§ **Task objective**
Among the entries below, one stretch runs from the line that contains "#10070=CIRCLE('',#12747,4.5);" through the line that contains "#15490=CARTESIAN_POINT('',(-297.0,393.807,300.0));". Repeat that stretch exactly, ends included, and only that.

§ **Material for the task**
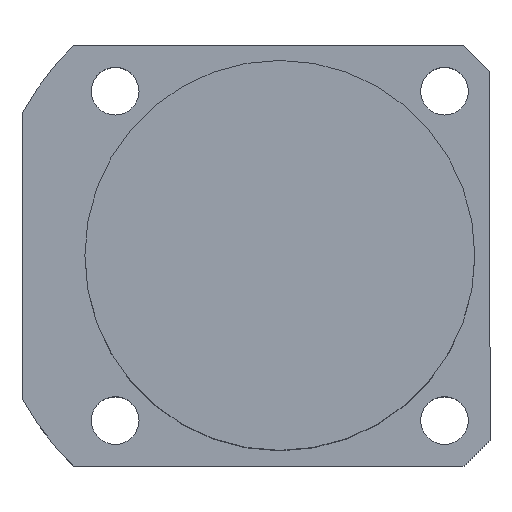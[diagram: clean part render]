
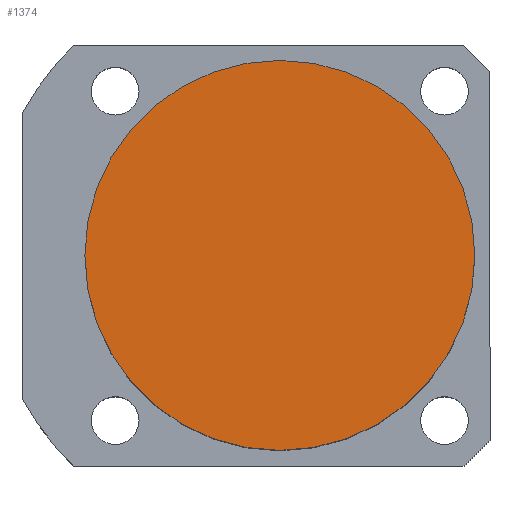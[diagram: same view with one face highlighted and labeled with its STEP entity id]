
A CAD part, top view. The second image highlights one B-rep face of the part: STEP entity #1374.
In plain terms, the highlighted planar face has unit normal (0, 0, 1).
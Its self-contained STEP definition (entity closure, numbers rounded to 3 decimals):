
#74 = DIRECTION ( 'NONE',  ( 1., 0., 0. ) ) ;
#174 = CARTESIAN_POINT ( 'NONE',  ( 45., 0., 74.5 ) ) ;
#203 = VERTEX_POINT ( 'NONE', #174 ) ;
#213 = CARTESIAN_POINT ( 'NONE',  ( 0., 0., 74.5 ) ) ;
#284 = DIRECTION ( 'NONE',  ( 1., 0., 0. ) ) ;
#313 = CARTESIAN_POINT ( 'NONE',  ( 0., 0., 74.5 ) ) ;
#379 = DIRECTION ( 'NONE',  ( 1., 0., 0. ) ) ;
#483 = CIRCLE ( 'NONE', #1139, 45. ) ;
#567 = CARTESIAN_POINT ( 'NONE',  ( 0., 0., 74.5 ) ) ;
#705 = DIRECTION ( 'NONE',  ( 0., 0., 1. ) ) ;
#847 = EDGE_CURVE ( 'NONE', #203, #1877, #968, .T. ) ;
#968 = CIRCLE ( 'NONE', #1299, 45. ) ;
#1068 = EDGE_CURVE ( 'NONE', #1877, #203, #483, .T. ) ;
#1101 = ORIENTED_EDGE ( 'NONE', *, *, #1068, .T. ) ;
#1139 = AXIS2_PLACEMENT_3D ( 'NONE', #313, #1150, #284 ) ;
#1150 = DIRECTION ( 'NONE',  ( 0., 0., 1. ) ) ;
#1170 = AXIS2_PLACEMENT_3D ( 'NONE', #567, #705, #74 ) ;
#1224 = FACE_OUTER_BOUND ( 'NONE', #1595, .T. ) ;
#1299 = AXIS2_PLACEMENT_3D ( 'NONE', #213, #1387, #379 ) ;
#1374 = ADVANCED_FACE ( 'NONE', ( #1224 ), #1585, .T. ) ;
#1387 = DIRECTION ( 'NONE',  ( 0., 0., 1. ) ) ;
#1477 = CARTESIAN_POINT ( 'NONE',  ( -45., 0., 74.5 ) ) ;
#1483 = ORIENTED_EDGE ( 'NONE', *, *, #847, .T. ) ;
#1585 = PLANE ( 'NONE',  #1170 ) ;
#1595 = EDGE_LOOP ( 'NONE', ( #1101, #1483 ) ) ;
#1877 = VERTEX_POINT ( 'NONE', #1477 ) ;
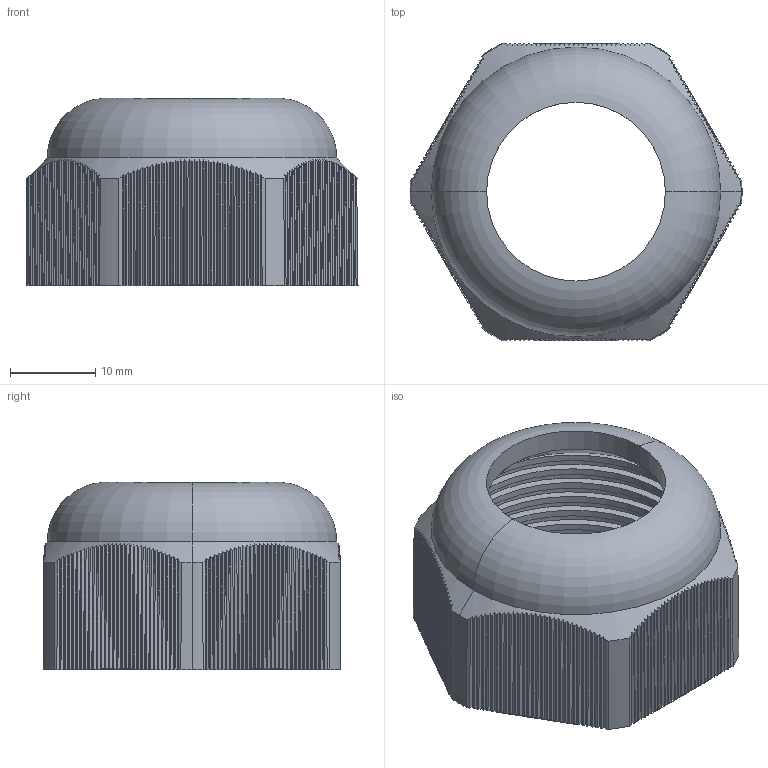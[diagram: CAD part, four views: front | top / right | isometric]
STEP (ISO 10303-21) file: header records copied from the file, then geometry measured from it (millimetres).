
FILE_DESCRIPTION (( 'STEP AP203' ), '1' );
FILE_NAME ('plc-pg-25-00.00.002 Ãàéêà öàíãîâàÿ (PG25) #collet nut (PG25)#.STEP', '2021-06-02T07:25:41', ( '' ), ( '' ), 'SwSTEP 2.0', 'SolidWorks 2021', '' );
FILE_SCHEMA (( 'CONFIG_CONTROL_DESIGN' ));
Length unit declared in the file: millimetre
Products named in the file (1): plc-pg-25-00.00.002 Ãàéêà öàíãîâàÿ (PG25) #collet nut (PG25)#
Bounding box: 39 x 35 x 22 mm (x, y, z)
Volume: 6674.2 mm3; surface area: 6911.8 mm2
Topology: 1 solids, 1 shells, 613 faces, 2141 edges, 1423 vertices
Faces by surface type: plane 556, cone 34, torus 11, cylinder 6, bspline 6
Entity records: 28985 total; most frequent: CARTESIAN_POINT 11364, ORIENTED_EDGE 4282, DIRECTION 2771, EDGE_CURVE 2141, LINE 1445, VECTOR 1445, VERTEX_POINT 1423, EDGE_LOOP 724
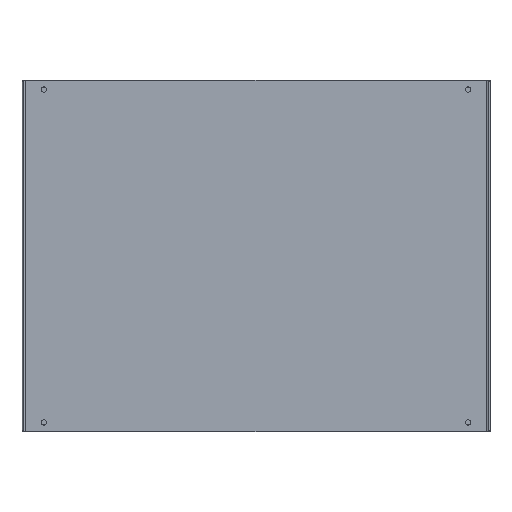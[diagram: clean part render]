
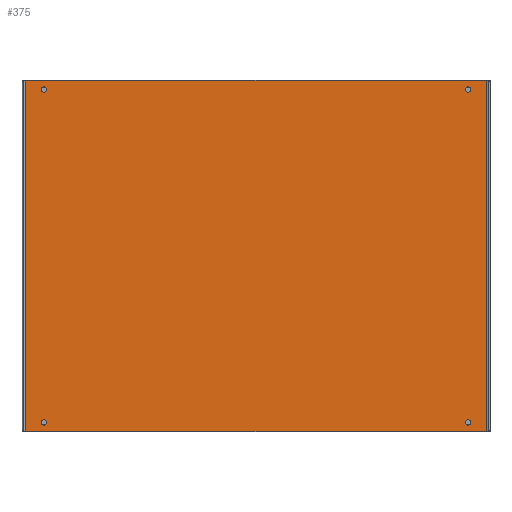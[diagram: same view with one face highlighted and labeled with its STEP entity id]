
A CAD part, left-side view. The second image highlights one B-rep face of the part: STEP entity #375.
In plain terms, the highlighted planar face has unit normal (-1, 0, 0).
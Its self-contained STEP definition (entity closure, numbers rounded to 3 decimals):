
#375=ADVANCED_FACE('',(#1312,#1313,#1314,#1315,#1316),#1317,.T.);
#1312=FACE_BOUND('',#2662,.T.);
#1313=FACE_BOUND('',#2663,.T.);
#1314=FACE_BOUND('',#2664,.T.);
#1315=FACE_BOUND('',#2665,.T.);
#1316=FACE_OUTER_BOUND('',#2666,.T.);
#1317=PLANE('',#2667);
#2662=EDGE_LOOP('',(#5921,#5922));
#2663=EDGE_LOOP('',(#5923,#5924));
#2664=EDGE_LOOP('',(#5925,#5926));
#2665=EDGE_LOOP('',(#5927,#5928));
#2666=EDGE_LOOP('',(#5929,#5930,#5931,#5932));
#2667=AXIS2_PLACEMENT_3D('',#5933,#5934,#5935);
#5921=ORIENTED_EDGE('',*,*,#8652,.T.);
#5922=ORIENTED_EDGE('',*,*,#8391,.T.);
#5923=ORIENTED_EDGE('',*,*,#8654,.T.);
#5924=ORIENTED_EDGE('',*,*,#8387,.T.);
#5925=ORIENTED_EDGE('',*,*,#8656,.T.);
#5926=ORIENTED_EDGE('',*,*,#8383,.T.);
#5927=ORIENTED_EDGE('',*,*,#8658,.T.);
#5928=ORIENTED_EDGE('',*,*,#8379,.T.);
#5929=ORIENTED_EDGE('',*,*,#9129,.T.);
#5930=ORIENTED_EDGE('',*,*,#9130,.F.);
#5931=ORIENTED_EDGE('',*,*,#9131,.T.);
#5932=ORIENTED_EDGE('',*,*,#9127,.T.);
#5933=CARTESIAN_POINT('',(-297.0,0.0,300.0));
#5934=DIRECTION('',(-1.0,0.0,0.));
#5935=DIRECTION('',(0.0,1.0,0.0));
#8379=EDGE_CURVE('',#10064,#10068,#10070,.T.);
#8383=EDGE_CURVE('',#10072,#10076,#10078,.T.);
#8387=EDGE_CURVE('',#10080,#10084,#10086,.T.);
#8391=EDGE_CURVE('',#10088,#10092,#10094,.T.);
#8652=EDGE_CURVE('',#10092,#10088,#10507,.T.);
#8654=EDGE_CURVE('',#10084,#10080,#10509,.T.);
#8656=EDGE_CURVE('',#10076,#10072,#10511,.T.);
#8658=EDGE_CURVE('',#10068,#10064,#10513,.T.);
#9127=EDGE_CURVE('',#11255,#11253,#11256,.T.);
#9129=EDGE_CURVE('',#11253,#11258,#11259,.T.);
#9130=EDGE_CURVE('',#11260,#11258,#11261,.T.);
#9131=EDGE_CURVE('',#11260,#11255,#11262,.T.);
#10064=VERTEX_POINT('',#12739);
#10068=VERTEX_POINT('',#12744);
#10070=CIRCLE('',#12747,4.5);
#10072=VERTEX_POINT('',#12749);
#10076=VERTEX_POINT('',#12754);
#10078=CIRCLE('',#12757,4.5);
#10080=VERTEX_POINT('',#12759);
#10084=VERTEX_POINT('',#12764);
#10086=CIRCLE('',#12767,4.5);
#10088=VERTEX_POINT('',#12769);
#10092=VERTEX_POINT('',#12774);
#10094=CIRCLE('',#12777,4.5);
#10507=CIRCLE('',#14314,4.5);
#10509=CIRCLE('',#14316,4.5);
#10511=CIRCLE('',#14318,4.5);
#10513=CIRCLE('',#14320,4.5);
#11253=VERTEX_POINT('',#15486);
#11255=VERTEX_POINT('',#15489);
#11256=LINE('',#15490,#15491);
#11258=VERTEX_POINT('',#15494);
#11259=LINE('',#15495,#15496);
#11260=VERTEX_POINT('',#15497);
#11261=LINE('',#15498,#15499);
#11262=LINE('',#15500,#15501);
#12739=CARTESIAN_POINT('',(-297.0,-362.5,280.0));
#12744=CARTESIAN_POINT('',(-297.0,-362.5,289.0));
#12747=AXIS2_PLACEMENT_3D('',#17429,#17430,#17431);
#12749=CARTESIAN_POINT('',(-297.0,362.5,280.0));
#12754=CARTESIAN_POINT('',(-297.0,362.5,289.0));
#12757=AXIS2_PLACEMENT_3D('',#17437,#17438,#17439);
#12759=CARTESIAN_POINT('',(-297.0,-362.5,-289.0));
#12764=CARTESIAN_POINT('',(-297.0,-362.5,-280.0));
#12767=AXIS2_PLACEMENT_3D('',#17445,#17446,#17447);
#12769=CARTESIAN_POINT('',(-297.0,362.5,-289.0));
#12774=CARTESIAN_POINT('',(-297.0,362.5,-280.0));
#12777=AXIS2_PLACEMENT_3D('',#17453,#17454,#17455);
#14314=AXIS2_PLACEMENT_3D('',#17812,#17813,#17814);
#14316=AXIS2_PLACEMENT_3D('',#17818,#17819,#17820);
#14318=AXIS2_PLACEMENT_3D('',#17824,#17825,#17826);
#14320=AXIS2_PLACEMENT_3D('',#17830,#17831,#17832);
#15486=CARTESIAN_POINT('',(-297.0,393.807,-300.0));
#15489=CARTESIAN_POINT('',(-297.0,393.807,300.0));
#15490=CARTESIAN_POINT('',(-297.0,393.807,300.0));
#15491=VECTOR('',#18383,1.0);
#15494=CARTESIAN_POINT('',(-297.0,-393.807,-300.0));
#15495=CARTESIAN_POINT('',(-297.0,-393.807,-300.0));
#15496=VECTOR('',#18385,1.0);
#15497=CARTESIAN_POINT('',(-297.0,-393.807,300.0));
#15498=CARTESIAN_POINT('',(-297.0,-393.807,300.0));
#15499=VECTOR('',#18386,1.0);
#15500=CARTESIAN_POINT('',(-297.0,-393.807,300.0));
#15501=VECTOR('',#18387,1.0);
#17429=CARTESIAN_POINT('',(-297.0,-362.5,284.5));
#17430=DIRECTION('',(1.0,0.0,0.));
#17431=DIRECTION('',(0.,0.0,-1.0));
#17437=CARTESIAN_POINT('',(-297.0,362.5,284.5));
#17438=DIRECTION('',(1.0,0.0,0.));
#17439=DIRECTION('',(0.,0.0,-1.0));
#17445=CARTESIAN_POINT('',(-297.0,-362.5,-284.5));
#17446=DIRECTION('',(1.0,0.0,0.));
#17447=DIRECTION('',(0.,0.0,-1.0));
#17453=CARTESIAN_POINT('',(-297.0,362.5,-284.5));
#17454=DIRECTION('',(1.0,0.0,0.));
#17455=DIRECTION('',(0.,0.0,-1.0));
#17812=CARTESIAN_POINT('',(-297.0,362.5,-284.5));
#17813=DIRECTION('',(1.0,0.0,0.));
#17814=DIRECTION('',(0.,0.0,-1.0));
#17818=CARTESIAN_POINT('',(-297.0,-362.5,-284.5));
#17819=DIRECTION('',(1.0,0.0,0.));
#17820=DIRECTION('',(0.,0.0,-1.0));
#17824=CARTESIAN_POINT('',(-297.0,362.5,284.5));
#17825=DIRECTION('',(1.0,0.0,0.));
#17826=DIRECTION('',(0.,0.0,-1.0));
#17830=CARTESIAN_POINT('',(-297.0,-362.5,284.5));
#17831=DIRECTION('',(1.0,0.0,0.));
#17832=DIRECTION('',(0.,0.0,-1.0));
#18383=DIRECTION('',(0.,0.0,-1.0));
#18385=DIRECTION('',(0.0,-1.0,0.0));
#18386=DIRECTION('',(0.,0.0,-1.0));
#18387=DIRECTION('',(0.0,1.0,0.0));

§ **Solution to the exercise**
#10070=CIRCLE('',#12747,4.5);
#10072=VERTEX_POINT('',#12749);
#10076=VERTEX_POINT('',#12754);
#10078=CIRCLE('',#12757,4.5);
#10080=VERTEX_POINT('',#12759);
#10084=VERTEX_POINT('',#12764);
#10086=CIRCLE('',#12767,4.5);
#10088=VERTEX_POINT('',#12769);
#10092=VERTEX_POINT('',#12774);
#10094=CIRCLE('',#12777,4.5);
#10507=CIRCLE('',#14314,4.5);
#10509=CIRCLE('',#14316,4.5);
#10511=CIRCLE('',#14318,4.5);
#10513=CIRCLE('',#14320,4.5);
#11253=VERTEX_POINT('',#15486);
#11255=VERTEX_POINT('',#15489);
#11256=LINE('',#15490,#15491);
#11258=VERTEX_POINT('',#15494);
#11259=LINE('',#15495,#15496);
#11260=VERTEX_POINT('',#15497);
#11261=LINE('',#15498,#15499);
#11262=LINE('',#15500,#15501);
#12739=CARTESIAN_POINT('',(-297.0,-362.5,280.0));
#12744=CARTESIAN_POINT('',(-297.0,-362.5,289.0));
#12747=AXIS2_PLACEMENT_3D('',#17429,#17430,#17431);
#12749=CARTESIAN_POINT('',(-297.0,362.5,280.0));
#12754=CARTESIAN_POINT('',(-297.0,362.5,289.0));
#12757=AXIS2_PLACEMENT_3D('',#17437,#17438,#17439);
#12759=CARTESIAN_POINT('',(-297.0,-362.5,-289.0));
#12764=CARTESIAN_POINT('',(-297.0,-362.5,-280.0));
#12767=AXIS2_PLACEMENT_3D('',#17445,#17446,#17447);
#12769=CARTESIAN_POINT('',(-297.0,362.5,-289.0));
#12774=CARTESIAN_POINT('',(-297.0,362.5,-280.0));
#12777=AXIS2_PLACEMENT_3D('',#17453,#17454,#17455);
#14314=AXIS2_PLACEMENT_3D('',#17812,#17813,#17814);
#14316=AXIS2_PLACEMENT_3D('',#17818,#17819,#17820);
#14318=AXIS2_PLACEMENT_3D('',#17824,#17825,#17826);
#14320=AXIS2_PLACEMENT_3D('',#17830,#17831,#17832);
#15486=CARTESIAN_POINT('',(-297.0,393.807,-300.0));
#15489=CARTESIAN_POINT('',(-297.0,393.807,300.0));
#15490=CARTESIAN_POINT('',(-297.0,393.807,300.0));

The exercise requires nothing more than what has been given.